**Provided material**
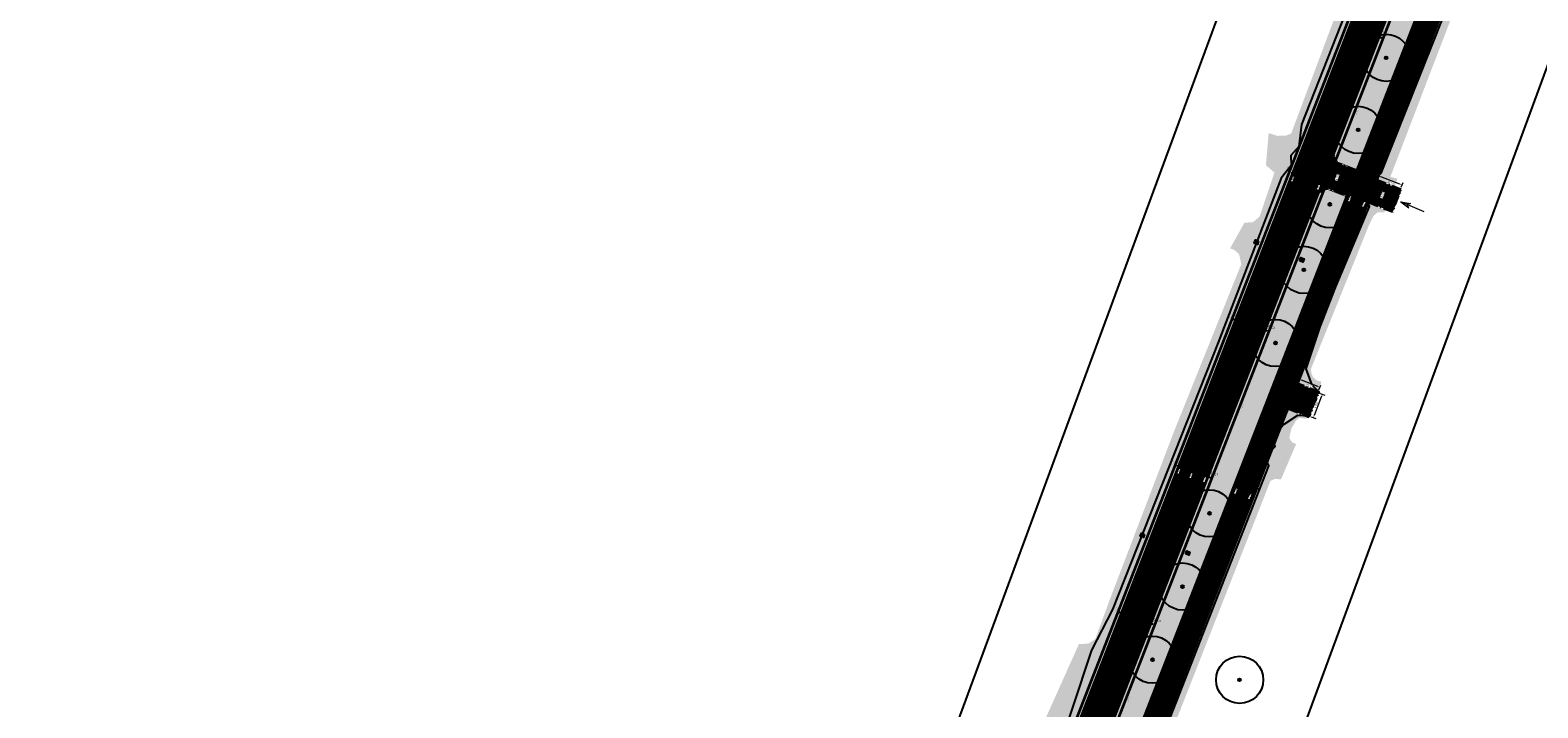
# Model space of a CAD drawing. Header units: metres. Extents: x 157685 to 160831, y 403691 to 406312.
# Tile 102 of 134: x 159792 to 160031, y 405321 to 405429. Entities that reach past the tile are written whole.
import ezdxf

# ---------------------------------------------------------------- set-up
doc = ezdxf.new("R2010")
doc.units = ezdxf.units.M
doc.header["$PDMODE"] = 35
for name, pattern in [('VH-OPSLUITBAND_120X250', [26, 16, -4, 2, -4]), ('VW-1-3_STREEP', [4, 1, -3]), ('VW-30-270_STREEP', [3, 0.3, -2.7])]:
    doc.linetypes.add(name, pattern=pattern)
doc.layers.get('Defpoints').update_dxf_attribs({"color": 171})
for name, color, linetype, lineweight in [('B-WE-GR-BOOM-S (ingemeten)', 90, 'Continuous', 25), ('B-WE-OG-HOOGTEPUNT-S', 7, 'Continuous', 25), ('B-WE-OG-HOOGTEPUNT-T18', 10, 'Continuous', 18), ('B-WE-OG-TOPOGRAFIE_INRIT-G', 10, 'Continuous', 18), ('N-WE-GR-DOORWORTELBARE RUIMTE-G', 80, 'Continuous', 35), ('N-WE-GR-GRAS-A', 62, 'Continuous', 18), ('N-WE-GW-HOOGTE_AFWERKHOOGTE-T25', 7, 'Continuous', 25), ('N-WE-VH-GESLOTENVERHARDING_ASFALT-A-200', 253, 'Continuous', 18), ('N-WE-VH-HALFVERHARDING_GRASBETONSTEEN-A-200', 132, 'Continuous', 18), ('N-WE-VH-HALFVERHARDING_GRASBETONSTEEN-G', 7, 'Continuous', 35), ('N-WE-VH-KANTOPSLUITING_OPSLUITBAND_120X250-G', 4, 'VH-OPSLUITBAND_120X250', 35), ('N-WE-VH-KANTVERHARDING-G', 7, 'Continuous', 30), ('N-WE-VH-M', 7, 'Continuous', 18), ('N-WE-VH-OPENVERHARDING_BETONSTRAATSTEEN-A-200', 252, 'Continuous', 18), ('N-WE-VH-VERHARDING_ASFALT-A', 252, 'Continuous', 18), ('N-WE-VW-MARKERING_LANGS_STREEP_13_010-G', 7, 'VW-1-3_STREEP', 13), ('N-WE-VW-MARKERING_LANGS_STREEP_30270_010-G', 7, 'VW-30-270_STREEP', 13), ('N-WE-VW-MARKERING_LANGS_STREEP_DOORGETROKKEN_010-G', 7, 'Continuous', 13)]:
    doc.layers.add(name, color=color, linetype=linetype, lineweight=lineweight)
doc.layers.add('Iv-a-afwateringsprofiel', color=5, linetype='Continuous')
doc.styles.add('NLCS-ISO', font='NLCS-ISO.TTF')
doc.styles.add('NLCS-ISO-M200-T18', font='NLCS-ISO.TTF', dxfattribs={"height": 0.36})
doc.dimstyles.new('NLCS-M200-T18-PIJL_L2_H2', dxfattribs={"dimscale": 0.2, "dimtxt": 0.36, "dimasz": 1.8, "dimexe": 2, "dimexo": 2, "dimgap": 0.7, "dimtad": 1, "dimzin": 0, "dimdsep": 46, "dimtxsty": 'NLCS-ISO-M200-T18', "dimcen": 0, "dimdle": 2, "dimclrd": 256, "dimclre": 256, "dimclrt": 256, "dimazin": 0, "dimtfac": 1, "dimtofl": 0, "dimtmove": 0, "dimatfit": 3, "dimfxl": 2, "dimfxlon": 1, "dimtfill": 1, "dimtfillclr": 256, "dimtolj": 1, "dimtzin": 0, "dimlwd": -1, "dimlwe": -1, "dimarcsym": 0})
pattern_1 = [(31.649933, (159085.91157, 404918.0169), (-0.104945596, 0.170253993), []), (91.649933, (159085.91157, 404918.0169), (-0.19991708, -0.005758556), [])]
pattern_2 = [(0, (0, 0), (1, 1), [0.12, -0.8]), (45, (0.4, 0.2), (-0.113137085, 1.8667619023), [0.12, -0.8]), (30, (0.08, 0.12), (0.2274613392, 1.2860254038), [0.12, -0.8]), (15, (0.32, 0.48), (0.3856270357, 0.724494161), [0.12, -0.8]), (135, (0.16, 2), (-0.02828427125, -0.6505382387), [0.12, -0.8]), (150, (1.2, 0.4), (0.2156921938, -0.5864101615), [0.12, -0.8]), (165, (0.24, 0.04), (0.1434520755, -0.7010146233), [0.12, -0.8]), (85, (0.4, 0.4), (-0.8726773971, 1.0400164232), [0.12, -0.8]), (100, (0, 0), (-1.1121176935, 0.7787131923), [0.12, -0.8])]
pattern_3 = [(338.740321, (159243.51866, 405542.76156), (0.135926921, 0.059781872), [0.105, -0.105]), (68.740321, (159243.51866, 405542.76156), (-0.097854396, 0.038072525), [])]
pattern_4 = [(45, (0, 0), (-0.19798989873, 0.19798989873), [0.14, -0.14]), (135, (0, 0), (-0.19798989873, -0.19798989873), [0.14, -0.14]), (45, (-0.099, 0.099), (-0.19798989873, 0.19798989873), [0.14, -0.14]), (135, (0.099, 0.099), (-0.19798989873, -0.19798989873), [0.14, -0.14])]

# ---------------------------------------------------------------- blocks, each defined once
blk = doc.blocks.new('inrit')
at = {"linetype": 'Continuous'}
for p, q in [((0, 0), (4.06, 0)), ((4.06, 0), (2.53, 0.38)), ((2.53, 0.38), (2.97, 0)), ((4.06, 0), (2.53, -0.38)), ((2.53, -0.38), (2.97, 0))]:
    blk.add_line(p, q, dxfattribs=at)
blk = doc.blocks.new('*D832')
at = {"layer": 'Defpoints', "color": 0, "transparency": 16777216}
blk.add_point((159993.09, 405372.22), dxfattribs=at)
at = {"layer": 'N-WE-VH-M', "transparency": 16777216}
for p, q in [((159993.26, 405372.65), (159993.55, 405373.39)), ((159996.33, 405371.88), (159993.74, 405372.89)), ((159996.52, 405371.38), (159996.81, 405372.12))]:
    blk.add_line(p, q, dxfattribs=at)
for points in [[(159993.72, 405372.83), (159993.76, 405372.95), (159993.4, 405373.02)], [(159996.31, 405371.83), (159996.35, 405371.94), (159996.67, 405371.75)]]:
    blk.add_solid(points, dxfattribs=at)
at = {"layer": 'N-WE-VH-M', "transparency": 16777216, "insert": (159994.93, 405372.08), "char_height": 0.36, "attachment_point": 5, "rotation": 158.7403, "style": 'NLCS-ISO-M200-T18', "bg_fill": 3, "box_fill_scale": 1.1, "bg_fill_color": 256, "bg_fill_true_color": 13158600, "bg_fill_transparency": 0}
blk.add_mtext('\\A1;3.50', dxfattribs=at)
at = {"layer": 'Defpoints', "color": 0, "transparency": 16777216}
for p in [(159993.4, 405373.02), (159996.35, 405370.95)]:
    blk.add_point(p, dxfattribs=at)
blk = doc.blocks.new('*D833')
at = {"layer": 'Defpoints', "color": 0, "transparency": 16777216}
for p in [(159996.35, 405370.95), (159995.62, 405366.94)]:
    blk.add_point(p, dxfattribs=at)
at = {"layer": 'N-WE-VH-M', "transparency": 16777216}
for p, q in [((159996.94, 405370.34), (159995.75, 405367.28)), ((159996.73, 405370.81), (159997.45, 405370.53)), ((159995.28, 405367.08), (159996, 405366.8))]:
    blk.add_line(p, q, dxfattribs=at)
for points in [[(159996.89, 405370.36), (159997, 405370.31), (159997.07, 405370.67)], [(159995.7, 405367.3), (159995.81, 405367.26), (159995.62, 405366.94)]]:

**How to complete this task**
Lines holding "Continuous" in the data above: copy each of them.

**Expected output**
for name, color, linetype, lineweight in [('B-WE-GR-BOOM-S (ingemeten)', 90, 'Continuous', 25), ('B-WE-OG-HOOGTEPUNT-S', 7, 'Continuous', 25), ('B-WE-OG-HOOGTEPUNT-T18', 10, 'Continuous', 18), ('B-WE-OG-TOPOGRAFIE_INRIT-G', 10, 'Continuous', 18), ('N-WE-GR-DOORWORTELBARE RUIMTE-G', 80, 'Continuous', 35), ('N-WE-GR-GRAS-A', 62, 'Continuous', 18), ('N-WE-GW-HOOGTE_AFWERKHOOGTE-T25', 7, 'Continuous', 25), ('N-WE-VH-GESLOTENVERHARDING_ASFALT-A-200', 253, 'Continuous', 18), ('N-WE-VH-HALFVERHARDING_GRASBETONSTEEN-A-200', 132, 'Continuous', 18), ('N-WE-VH-HALFVERHARDING_GRASBETONSTEEN-G', 7, 'Continuous', 35), ('N-WE-VH-KANTOPSLUITING_OPSLUITBAND_120X250-G', 4, 'VH-OPSLUITBAND_120X250', 35), ('N-WE-VH-KANTVERHARDING-G', 7, 'Continuous', 30), ('N-WE-VH-M', 7, 'Continuous', 18), ('N-WE-VH-OPENVERHARDING_BETONSTRAATSTEEN-A-200', 252, 'Continuous', 18), ('N-WE-VH-VERHARDING_ASFALT-A', 252, 'Continuous', 18), ('N-WE-VW-MARKERING_LANGS_STREEP_13_010-G', 7, 'VW-1-3_STREEP', 13), ('N-WE-VW-MARKERING_LANGS_STREEP_30270_010-G', 7, 'VW-30-270_STREEP', 13), ('N-WE-VW-MARKERING_LANGS_STREEP_DOORGETROKKEN_010-G', 7, 'Continuous', 13)]:
doc.layers.add('Iv-a-afwateringsprofiel', color=5, linetype='Continuous')
at = {"linetype": 'Continuous'}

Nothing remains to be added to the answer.